I looked at cretex paints can someone give me the run down on the difference between acrilic and enamal? What kind of top coat is recommended? I have a strong feeling I'm going to enjoy this hobby a lot so would like to be somewhat prepared to move into more complex projects when the time comes.

What about mixing paints? Yes or no? Should I just try to buy the colors I want? I am a complete noob at this so every bit of info is greatly appreciated!


----------



## fishingguy (Jan 5, 2006)

I have the Iwata Neo, decent brush for the price. I use a airbrush compressor from harbor freight, two years old, no complaints. I started with the Createx fluorescent colors, with the use of the gravity feed brush, there is no need for thinning. If you mix paints, make sure you stay with the same types. Floro with floro, or opaque with opaque. I mix yellow with a tiny bit of green for chartreuse. After a couple winters of painting blades, I don't need anymore. I have far too many. I just replace my favorites that have gotten flipped off from time to time. I don't expect my blades to last for years. I don't bother with epoxy finish, 3 or 4 coats of clear spray is fine for me. If your gonna start painting cranks, then the epoxy and a wheel is necessary. I use Envirotex.


----------



## fishintechnician (Jul 20, 2007)

Fishin guy what kind of clear do you use?

Once you mix paints can they be saved?


----------



## fishingguy (Jan 5, 2006)

I don't think it matters which clear you use, just get a name brand. I bought a few empty bottles to mix colors in. Yes, the mixed colors last just fine.


----------



## fishintechnician (Jul 20, 2007)

Thanks greatly appreciated


----------



## All Eyes (Jul 28, 2004)

X 2 for the Iwata Eclipse gravity feed and inexpensive Harbor Freight compressor. Mine is also 2 years old and works great. 
Regarding thinning your paint, I would suggest searching for videos on YouTube for airbrush painting how to's. There is tons of info regarding paint types, PSI and thinning etc. You will learn the most by trial and error once you start messing around with it. Just be sure to apply a white base coat first so the colors come out bright. Good Luck and have fun with it.


----------



## TIGGER (Jan 17, 2006)

I have been painting with the inexpensive Harbor Freight airbrush. They list for around 20 bucks and run them on sale for 15 dollars every now and then. I have the expensive Iwata brushes but I am terrible about keeping them clean and get frustrated using them. They are in the drawer but when kept clean can paint a single hair line. It is not a problem with the Iwata's, just me being so messy.

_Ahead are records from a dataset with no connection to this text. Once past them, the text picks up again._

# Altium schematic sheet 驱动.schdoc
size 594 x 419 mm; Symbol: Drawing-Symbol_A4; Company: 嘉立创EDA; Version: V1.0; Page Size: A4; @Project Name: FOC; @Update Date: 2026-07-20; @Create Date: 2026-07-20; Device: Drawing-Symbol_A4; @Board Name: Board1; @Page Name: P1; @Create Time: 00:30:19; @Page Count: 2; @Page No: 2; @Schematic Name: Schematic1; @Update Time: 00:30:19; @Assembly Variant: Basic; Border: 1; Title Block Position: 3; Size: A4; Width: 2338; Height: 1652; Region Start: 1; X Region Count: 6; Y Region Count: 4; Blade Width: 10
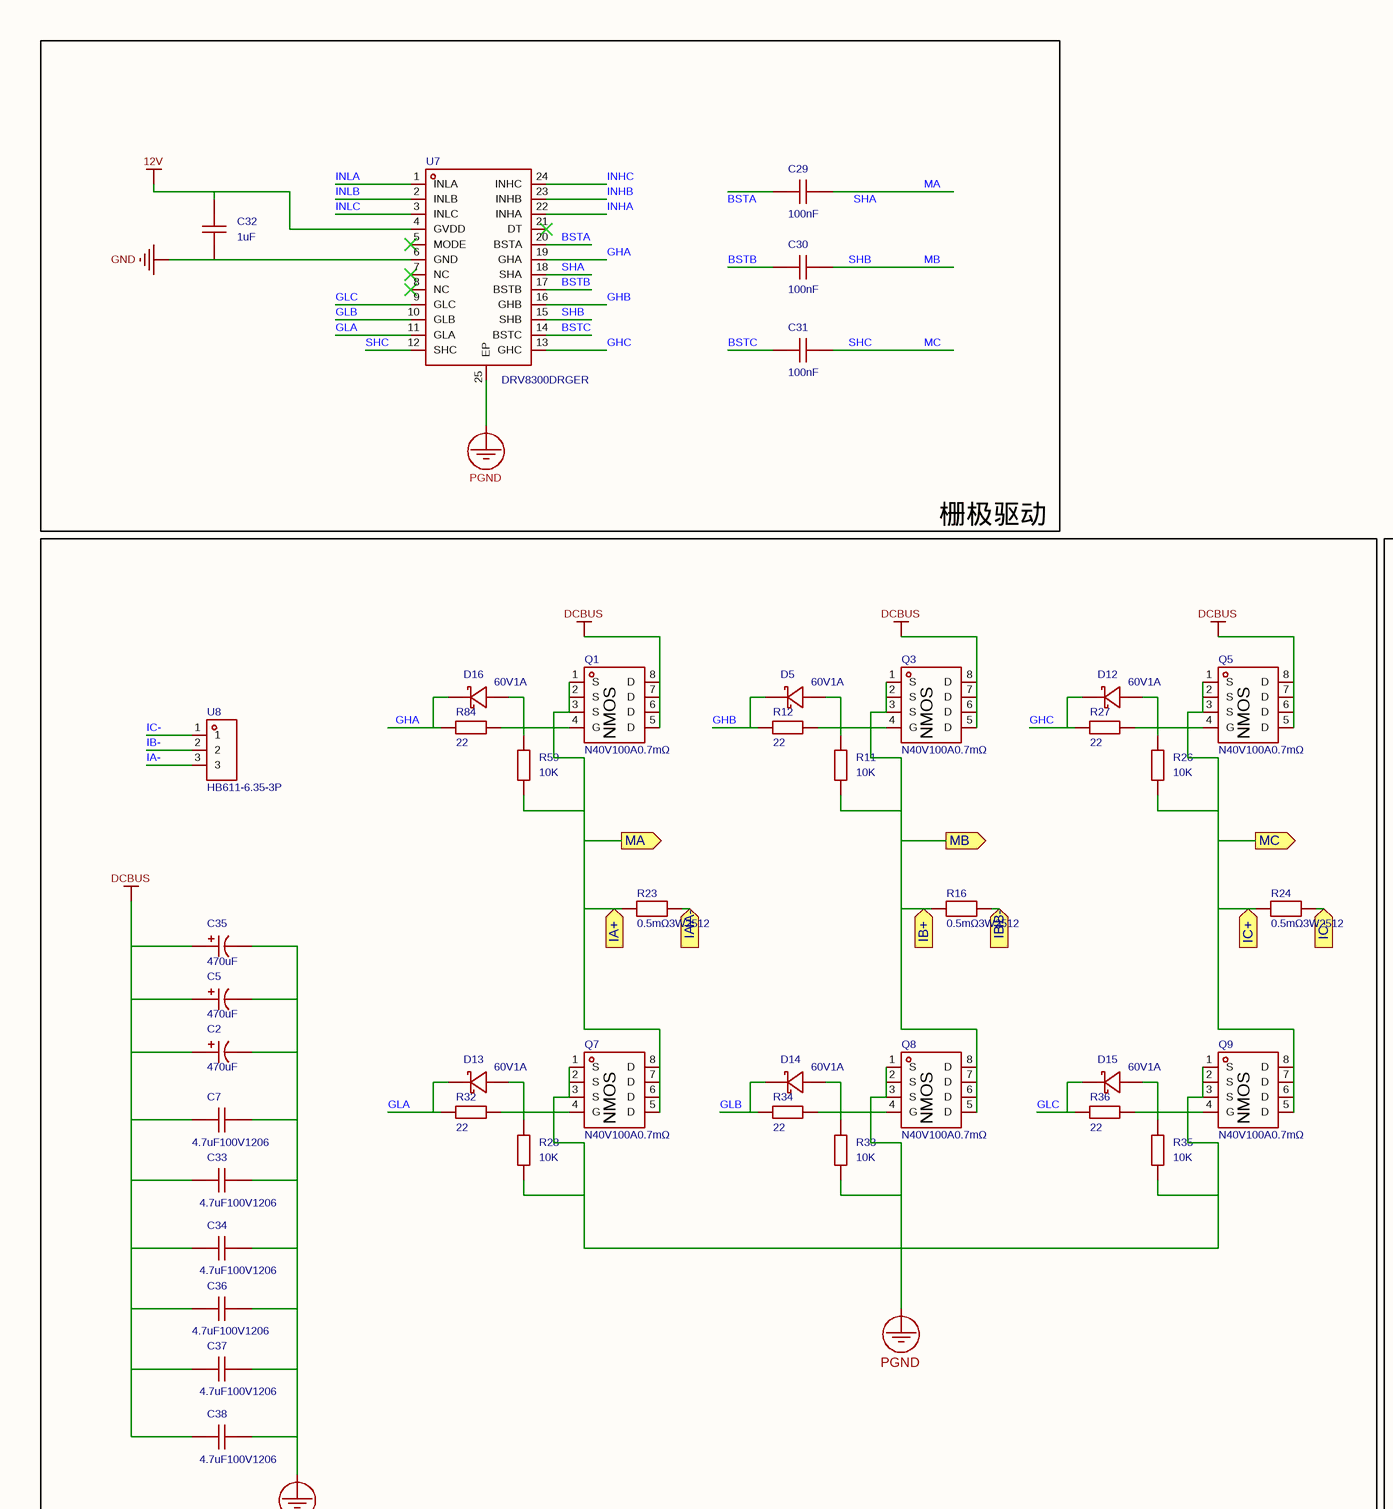
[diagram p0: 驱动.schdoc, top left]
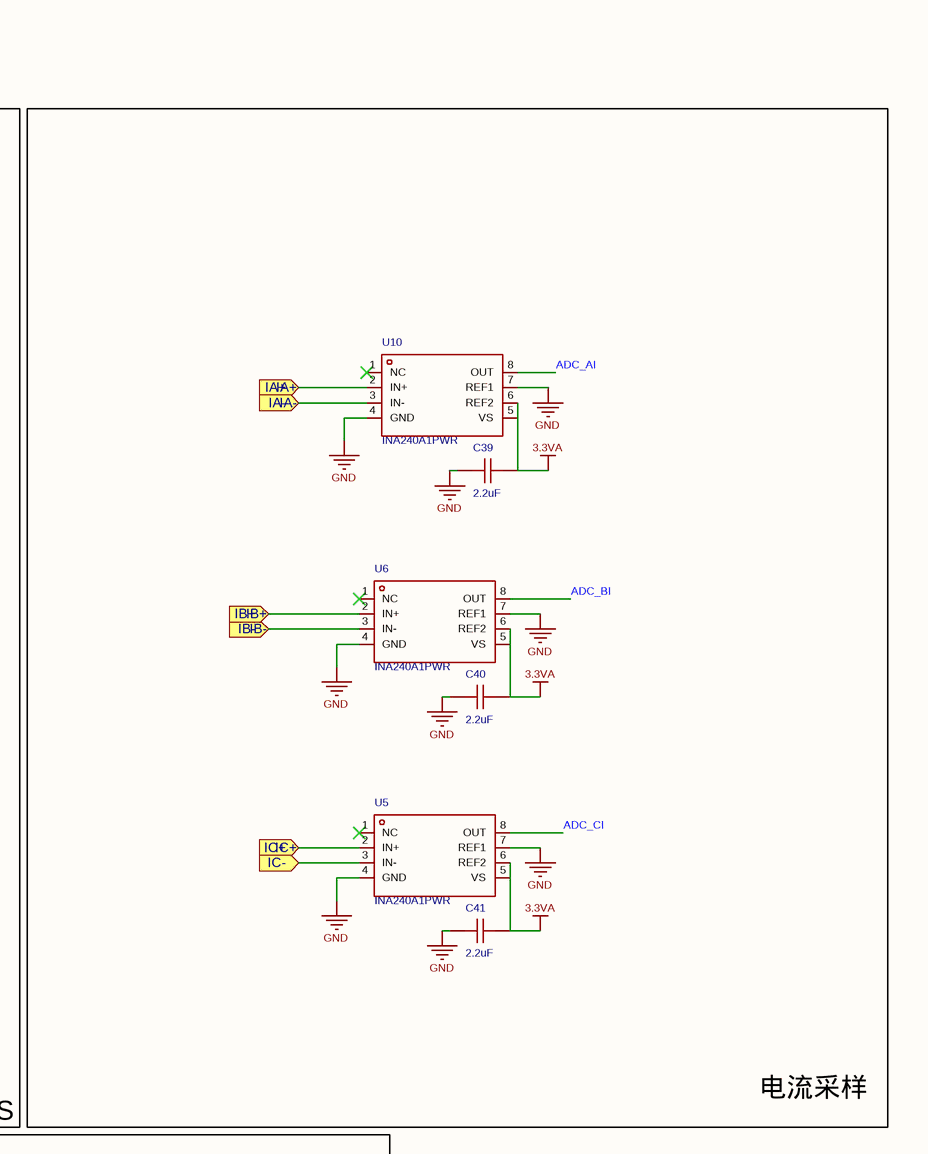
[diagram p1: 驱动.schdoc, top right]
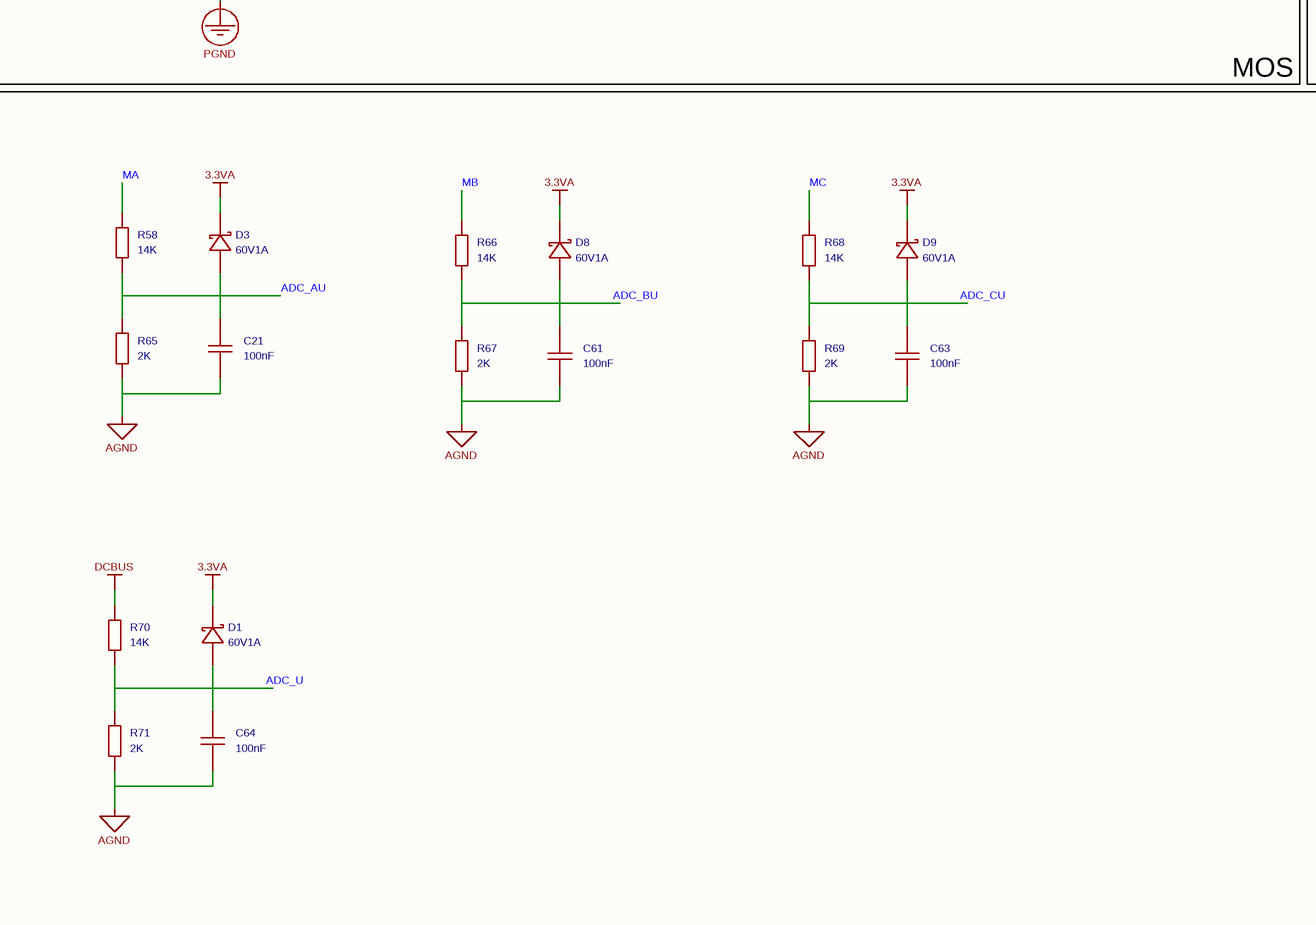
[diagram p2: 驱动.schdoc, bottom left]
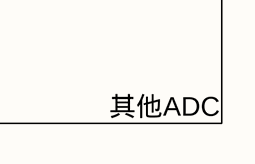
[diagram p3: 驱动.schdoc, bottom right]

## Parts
C2  470uF  [CAP-TH_BD13.0-P5.00-D0.6-FD]
C5  470uF  [CAP-TH_BD13.0-P5.00-D0.6-FD]
C7  4.7uF100V1206  [C1206]
C21  100nF  [C0603]
C29  100nF  [C0603]
C30  100nF  [C0603]
C31  100nF  [C0603]
C32  1uF  [C0603]
C33  4.7uF100V1206  [C1206]
C34  4.7uF100V1206  [C1206]
C35  470uF  [CAP-TH_BD13.0-P5.00-D0.6-FD]
C36  4.7uF100V1206  [C1206]
C37  4.7uF100V1206  [C1206]
C38  4.7uF100V1206  [C1206]
C39  2.2uF  [C0603]
C40  2.2uF  [C0603]
C41  2.2uF  [C0603]
C61  100nF  [C0603]
C63  100nF  [C0603]
C64  100nF  [C0603]
D1  60V1A  [SOD-323_L1.7-W1.3-LS2.5-FD]
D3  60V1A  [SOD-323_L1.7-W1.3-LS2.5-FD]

The Createx is a good paint to use with a larger dia. nozzle. One trick I have learned with the siphon feed airbrushes. If you take the Createx stock bottles and buy those siphon adapter caps you can pressurize the bottles of paint by holding your finger over the end of the spray brush tip and hit the trigger. It will back pressure into the bottle making the thickest of paint flow out. Just remember to release the pressure by loosening the cap first before you remove it from the airbrush. If you don't you will have a nice paint pattern on your ceiling.


----------



## fishintechnician (Jul 20, 2007)

Went to hobby lobby tonight for a project for my daughter for school. Checked out the air brushes while there. A little pricey for the eclipse, but they had the neo for 79 I think there compressors were over priced I think too. Had a great selection of assecories and paint too. Prolly pick up my brushes and compressors online and start playing soon. I'll make sure to post pics once I get stuff figured out. Thanks for all the help guys. I'm sure I'll have a to. More questions once I actually get going


----------



## All Eyes (Jul 28, 2004)

Tigger, I sent you a pm but your inbox is full so I will ask you here. 
Just was wondering what brand of paint you prefer? My Iwata airbrush is great, but I also find it to be sometimes difficult to maintain a really clean nozzle. I use Createx paint and thinner with a .35 needle, and sometimes it wants to clog and splatter regardless of my cleaning efforts. It's hard to believe that you achieve such amazing results with a cheap Harbor Freight brush. I have been a big fan of your work for a few years now and drool at them often on E-Bay. It's always a huge inspiration to see your creations. Thanks for any advice! John


----------



## HappySnag (Dec 20, 2007)

fishintechnician 
hobby lobby is running some sale 40% on one item,if you can work that out you get good deal,


----------



## TIGGER (Jan 17, 2006)

Ok Eyes you asked for it! 

I am a train wreck when it comes to painting. I often chuckle when someone asks about painting lures. People are probably thinking when is that tigger guy going give up his secrets on painting. 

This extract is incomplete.